Saved entries
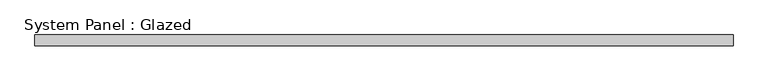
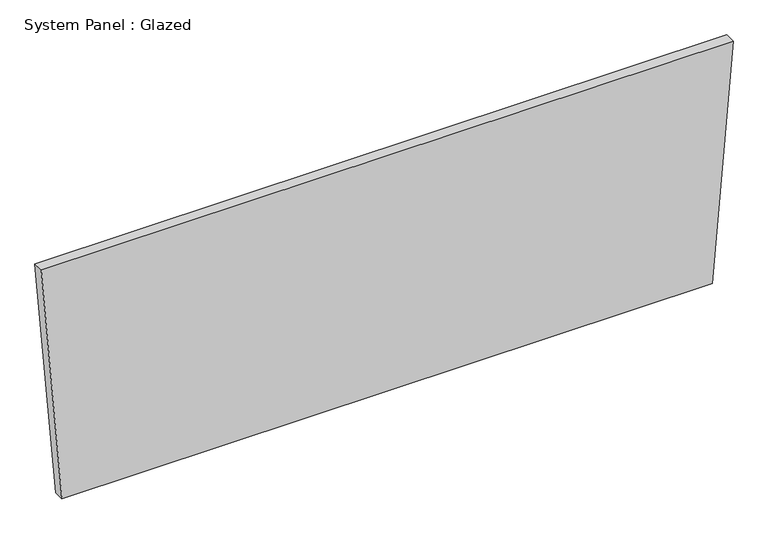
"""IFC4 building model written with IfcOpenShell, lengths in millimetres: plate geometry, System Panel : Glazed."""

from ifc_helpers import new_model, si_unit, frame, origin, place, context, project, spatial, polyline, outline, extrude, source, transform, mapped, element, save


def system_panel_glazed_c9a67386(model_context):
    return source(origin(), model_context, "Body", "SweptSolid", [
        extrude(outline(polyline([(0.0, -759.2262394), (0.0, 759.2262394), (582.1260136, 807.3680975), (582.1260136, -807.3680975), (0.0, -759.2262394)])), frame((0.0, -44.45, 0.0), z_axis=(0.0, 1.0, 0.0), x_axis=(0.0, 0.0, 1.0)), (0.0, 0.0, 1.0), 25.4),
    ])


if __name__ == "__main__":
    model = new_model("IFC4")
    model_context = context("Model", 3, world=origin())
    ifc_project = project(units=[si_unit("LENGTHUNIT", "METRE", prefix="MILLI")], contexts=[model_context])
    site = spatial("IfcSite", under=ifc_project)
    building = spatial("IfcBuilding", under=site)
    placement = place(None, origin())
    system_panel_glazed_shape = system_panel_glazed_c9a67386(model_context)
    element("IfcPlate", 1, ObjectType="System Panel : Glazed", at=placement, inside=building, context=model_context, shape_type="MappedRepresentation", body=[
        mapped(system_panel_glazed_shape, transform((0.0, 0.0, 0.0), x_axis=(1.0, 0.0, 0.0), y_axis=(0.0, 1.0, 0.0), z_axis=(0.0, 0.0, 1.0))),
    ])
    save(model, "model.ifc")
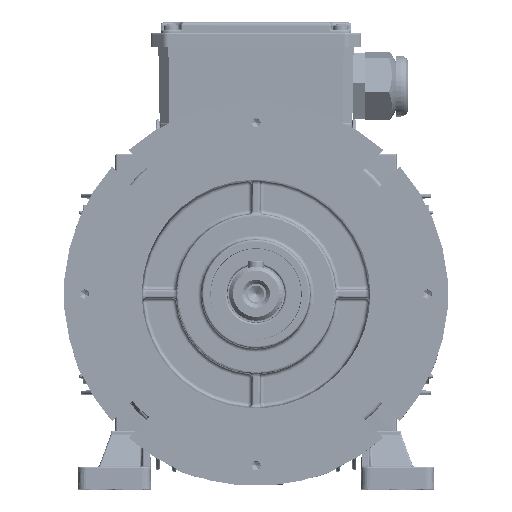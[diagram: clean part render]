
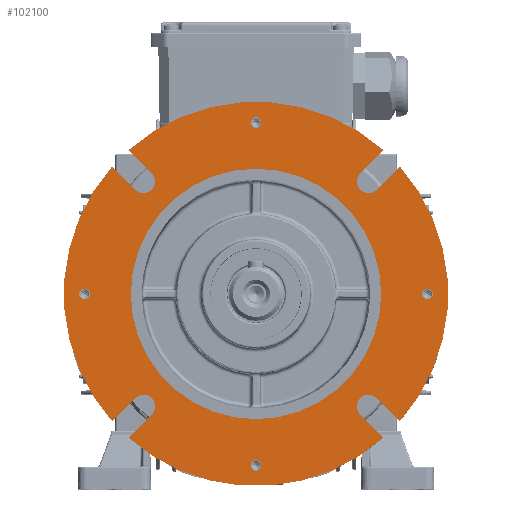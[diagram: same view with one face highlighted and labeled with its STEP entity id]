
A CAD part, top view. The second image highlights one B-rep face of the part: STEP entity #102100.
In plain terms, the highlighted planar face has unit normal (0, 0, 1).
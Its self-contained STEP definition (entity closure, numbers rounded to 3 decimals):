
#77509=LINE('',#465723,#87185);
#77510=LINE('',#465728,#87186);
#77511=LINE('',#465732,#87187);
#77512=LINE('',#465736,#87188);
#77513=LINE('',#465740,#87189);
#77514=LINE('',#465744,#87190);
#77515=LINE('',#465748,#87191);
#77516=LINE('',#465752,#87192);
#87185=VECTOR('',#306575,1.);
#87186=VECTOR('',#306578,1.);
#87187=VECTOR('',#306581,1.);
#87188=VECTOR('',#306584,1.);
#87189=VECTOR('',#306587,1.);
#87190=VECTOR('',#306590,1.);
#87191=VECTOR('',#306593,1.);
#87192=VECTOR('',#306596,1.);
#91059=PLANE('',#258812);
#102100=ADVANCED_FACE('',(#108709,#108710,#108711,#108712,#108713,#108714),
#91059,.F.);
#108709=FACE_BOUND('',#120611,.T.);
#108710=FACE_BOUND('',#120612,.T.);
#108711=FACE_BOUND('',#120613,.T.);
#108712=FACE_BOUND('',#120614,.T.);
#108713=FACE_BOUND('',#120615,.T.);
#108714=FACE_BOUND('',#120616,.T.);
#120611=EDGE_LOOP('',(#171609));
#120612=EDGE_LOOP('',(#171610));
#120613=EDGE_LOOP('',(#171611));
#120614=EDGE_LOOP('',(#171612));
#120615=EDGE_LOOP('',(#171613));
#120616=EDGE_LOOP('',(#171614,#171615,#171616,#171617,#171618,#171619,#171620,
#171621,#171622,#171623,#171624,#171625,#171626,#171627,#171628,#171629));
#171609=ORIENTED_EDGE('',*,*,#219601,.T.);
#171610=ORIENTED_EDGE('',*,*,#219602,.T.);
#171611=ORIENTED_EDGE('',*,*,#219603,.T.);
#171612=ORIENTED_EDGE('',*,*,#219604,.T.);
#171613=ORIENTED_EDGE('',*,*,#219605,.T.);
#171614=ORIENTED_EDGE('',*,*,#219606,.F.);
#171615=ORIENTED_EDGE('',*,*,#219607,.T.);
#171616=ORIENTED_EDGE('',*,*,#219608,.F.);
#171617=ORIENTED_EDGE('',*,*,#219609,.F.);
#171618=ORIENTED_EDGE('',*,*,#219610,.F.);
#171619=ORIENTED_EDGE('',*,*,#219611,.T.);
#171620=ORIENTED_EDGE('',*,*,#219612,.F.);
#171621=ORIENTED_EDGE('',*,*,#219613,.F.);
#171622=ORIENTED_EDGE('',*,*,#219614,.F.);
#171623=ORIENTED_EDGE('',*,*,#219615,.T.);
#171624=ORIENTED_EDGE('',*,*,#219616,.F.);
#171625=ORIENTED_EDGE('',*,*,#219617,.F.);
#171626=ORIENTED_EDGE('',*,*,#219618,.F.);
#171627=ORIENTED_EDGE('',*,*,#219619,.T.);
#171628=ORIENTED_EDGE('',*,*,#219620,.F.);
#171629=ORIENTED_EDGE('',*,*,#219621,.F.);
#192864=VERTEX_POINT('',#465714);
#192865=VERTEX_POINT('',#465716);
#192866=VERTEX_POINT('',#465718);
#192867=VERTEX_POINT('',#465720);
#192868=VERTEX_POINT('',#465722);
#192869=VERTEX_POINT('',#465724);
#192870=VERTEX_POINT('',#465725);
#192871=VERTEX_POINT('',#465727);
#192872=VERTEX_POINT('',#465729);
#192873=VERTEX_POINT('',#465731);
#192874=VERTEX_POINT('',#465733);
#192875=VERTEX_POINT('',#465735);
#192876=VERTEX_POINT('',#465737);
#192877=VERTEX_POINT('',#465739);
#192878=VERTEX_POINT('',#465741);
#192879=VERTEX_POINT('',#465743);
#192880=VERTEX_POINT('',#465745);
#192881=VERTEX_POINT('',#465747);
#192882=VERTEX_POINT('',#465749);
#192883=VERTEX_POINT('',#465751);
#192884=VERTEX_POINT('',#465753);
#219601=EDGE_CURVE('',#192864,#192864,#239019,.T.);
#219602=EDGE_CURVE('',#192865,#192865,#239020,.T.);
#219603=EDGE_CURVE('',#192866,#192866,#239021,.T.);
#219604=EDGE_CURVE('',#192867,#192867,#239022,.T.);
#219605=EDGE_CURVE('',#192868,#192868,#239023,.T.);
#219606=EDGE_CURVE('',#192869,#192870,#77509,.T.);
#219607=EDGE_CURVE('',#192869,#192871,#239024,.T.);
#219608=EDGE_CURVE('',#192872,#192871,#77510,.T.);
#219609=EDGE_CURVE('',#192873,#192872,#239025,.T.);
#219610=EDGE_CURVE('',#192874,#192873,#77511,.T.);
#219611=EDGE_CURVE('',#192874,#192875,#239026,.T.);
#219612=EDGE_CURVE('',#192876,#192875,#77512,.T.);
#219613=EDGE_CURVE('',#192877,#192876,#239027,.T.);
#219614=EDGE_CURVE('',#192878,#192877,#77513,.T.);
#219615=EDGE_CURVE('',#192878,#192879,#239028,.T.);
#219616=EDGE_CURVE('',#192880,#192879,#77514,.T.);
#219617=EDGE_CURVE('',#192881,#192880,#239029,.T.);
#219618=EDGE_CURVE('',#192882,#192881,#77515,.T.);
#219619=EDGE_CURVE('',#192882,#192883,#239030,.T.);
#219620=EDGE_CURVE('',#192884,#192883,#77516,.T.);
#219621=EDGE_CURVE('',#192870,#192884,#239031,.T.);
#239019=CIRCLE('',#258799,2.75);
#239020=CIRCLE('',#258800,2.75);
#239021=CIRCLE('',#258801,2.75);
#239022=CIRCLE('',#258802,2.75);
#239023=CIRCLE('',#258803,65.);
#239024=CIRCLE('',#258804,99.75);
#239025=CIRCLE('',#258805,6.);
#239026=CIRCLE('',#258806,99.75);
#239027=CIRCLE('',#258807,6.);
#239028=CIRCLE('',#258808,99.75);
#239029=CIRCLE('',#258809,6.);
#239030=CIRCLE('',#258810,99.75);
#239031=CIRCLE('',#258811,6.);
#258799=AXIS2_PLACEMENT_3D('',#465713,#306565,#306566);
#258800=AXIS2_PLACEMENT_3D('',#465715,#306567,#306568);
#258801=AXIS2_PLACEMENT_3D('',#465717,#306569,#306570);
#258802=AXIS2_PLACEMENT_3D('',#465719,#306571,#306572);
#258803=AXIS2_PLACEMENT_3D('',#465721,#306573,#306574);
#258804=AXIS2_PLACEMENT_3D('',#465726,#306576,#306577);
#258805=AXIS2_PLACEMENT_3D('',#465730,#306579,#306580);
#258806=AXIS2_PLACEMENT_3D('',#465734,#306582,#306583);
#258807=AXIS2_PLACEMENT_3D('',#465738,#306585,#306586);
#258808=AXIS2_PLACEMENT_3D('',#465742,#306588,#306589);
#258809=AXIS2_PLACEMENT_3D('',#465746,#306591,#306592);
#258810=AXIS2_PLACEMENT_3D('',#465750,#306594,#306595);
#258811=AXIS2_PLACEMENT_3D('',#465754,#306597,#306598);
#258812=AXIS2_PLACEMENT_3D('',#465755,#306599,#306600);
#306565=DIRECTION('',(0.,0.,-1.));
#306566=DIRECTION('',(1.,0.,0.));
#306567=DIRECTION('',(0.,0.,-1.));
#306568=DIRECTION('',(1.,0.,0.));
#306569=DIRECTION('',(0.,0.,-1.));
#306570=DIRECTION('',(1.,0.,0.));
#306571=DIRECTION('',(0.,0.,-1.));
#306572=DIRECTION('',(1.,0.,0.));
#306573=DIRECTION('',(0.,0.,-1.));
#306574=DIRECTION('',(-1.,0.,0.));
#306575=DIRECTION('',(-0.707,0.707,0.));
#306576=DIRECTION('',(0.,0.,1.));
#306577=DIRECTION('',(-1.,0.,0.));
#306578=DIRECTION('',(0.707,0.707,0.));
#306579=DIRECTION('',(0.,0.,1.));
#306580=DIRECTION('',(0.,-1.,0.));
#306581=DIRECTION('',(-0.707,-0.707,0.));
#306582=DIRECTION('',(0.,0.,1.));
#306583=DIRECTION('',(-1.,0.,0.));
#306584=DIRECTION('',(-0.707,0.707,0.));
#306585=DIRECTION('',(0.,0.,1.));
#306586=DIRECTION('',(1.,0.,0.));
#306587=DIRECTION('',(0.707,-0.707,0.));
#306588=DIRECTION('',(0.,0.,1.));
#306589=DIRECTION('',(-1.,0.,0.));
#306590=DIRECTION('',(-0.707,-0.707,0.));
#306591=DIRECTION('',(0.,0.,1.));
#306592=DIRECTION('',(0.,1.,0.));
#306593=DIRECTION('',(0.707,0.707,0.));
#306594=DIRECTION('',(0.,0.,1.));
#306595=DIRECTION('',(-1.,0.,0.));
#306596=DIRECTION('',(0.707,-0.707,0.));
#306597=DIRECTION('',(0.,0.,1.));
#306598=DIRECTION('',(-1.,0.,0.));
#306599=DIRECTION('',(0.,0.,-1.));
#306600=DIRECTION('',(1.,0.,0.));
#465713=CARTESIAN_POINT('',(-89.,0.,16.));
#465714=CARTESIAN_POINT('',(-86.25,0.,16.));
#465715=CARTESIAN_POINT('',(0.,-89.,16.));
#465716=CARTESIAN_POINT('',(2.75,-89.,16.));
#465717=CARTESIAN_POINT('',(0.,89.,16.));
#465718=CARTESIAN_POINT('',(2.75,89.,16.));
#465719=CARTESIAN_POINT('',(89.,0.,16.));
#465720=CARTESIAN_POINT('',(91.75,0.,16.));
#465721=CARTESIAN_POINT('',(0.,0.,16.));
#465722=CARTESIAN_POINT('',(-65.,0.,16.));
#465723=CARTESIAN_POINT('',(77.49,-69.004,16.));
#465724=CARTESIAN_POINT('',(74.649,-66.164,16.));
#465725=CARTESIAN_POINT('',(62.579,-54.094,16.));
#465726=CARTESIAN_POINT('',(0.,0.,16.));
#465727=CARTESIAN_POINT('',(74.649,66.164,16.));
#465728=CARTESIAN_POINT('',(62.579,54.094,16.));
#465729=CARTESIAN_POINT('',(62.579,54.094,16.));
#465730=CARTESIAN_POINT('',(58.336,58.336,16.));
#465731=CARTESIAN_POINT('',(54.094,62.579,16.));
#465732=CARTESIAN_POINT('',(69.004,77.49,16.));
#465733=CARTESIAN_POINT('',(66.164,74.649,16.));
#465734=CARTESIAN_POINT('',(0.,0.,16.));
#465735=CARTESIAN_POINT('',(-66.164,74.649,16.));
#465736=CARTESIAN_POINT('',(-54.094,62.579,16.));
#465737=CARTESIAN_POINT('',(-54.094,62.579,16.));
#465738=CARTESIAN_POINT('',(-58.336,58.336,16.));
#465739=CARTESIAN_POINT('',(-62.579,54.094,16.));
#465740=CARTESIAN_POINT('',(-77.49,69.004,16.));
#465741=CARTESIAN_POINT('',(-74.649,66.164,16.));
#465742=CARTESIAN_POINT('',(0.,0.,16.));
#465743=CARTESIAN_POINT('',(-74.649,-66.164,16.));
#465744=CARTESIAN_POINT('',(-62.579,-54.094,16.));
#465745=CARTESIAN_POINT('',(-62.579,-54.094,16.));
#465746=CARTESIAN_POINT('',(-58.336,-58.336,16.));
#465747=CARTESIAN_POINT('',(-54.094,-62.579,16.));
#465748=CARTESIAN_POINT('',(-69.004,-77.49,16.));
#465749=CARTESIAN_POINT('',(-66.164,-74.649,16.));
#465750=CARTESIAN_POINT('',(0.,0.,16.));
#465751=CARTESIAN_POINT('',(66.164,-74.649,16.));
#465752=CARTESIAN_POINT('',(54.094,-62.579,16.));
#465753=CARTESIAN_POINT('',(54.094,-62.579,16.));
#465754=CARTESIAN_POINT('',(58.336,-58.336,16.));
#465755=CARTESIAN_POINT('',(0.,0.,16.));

* **Work item**:
The expected result is every line above containing the string "element".

* **Final answer**:
from ifc_helpers import new_model, si_unit, frame, origin, place, context, project, spatial, polyline, outline, extrude, source, transform, mapped, element, save
    element("IfcPlate", 1, ObjectType="System Panel : Glazed", at=placement, inside=building, context=model_context, shape_type="MappedRepresentation", body=[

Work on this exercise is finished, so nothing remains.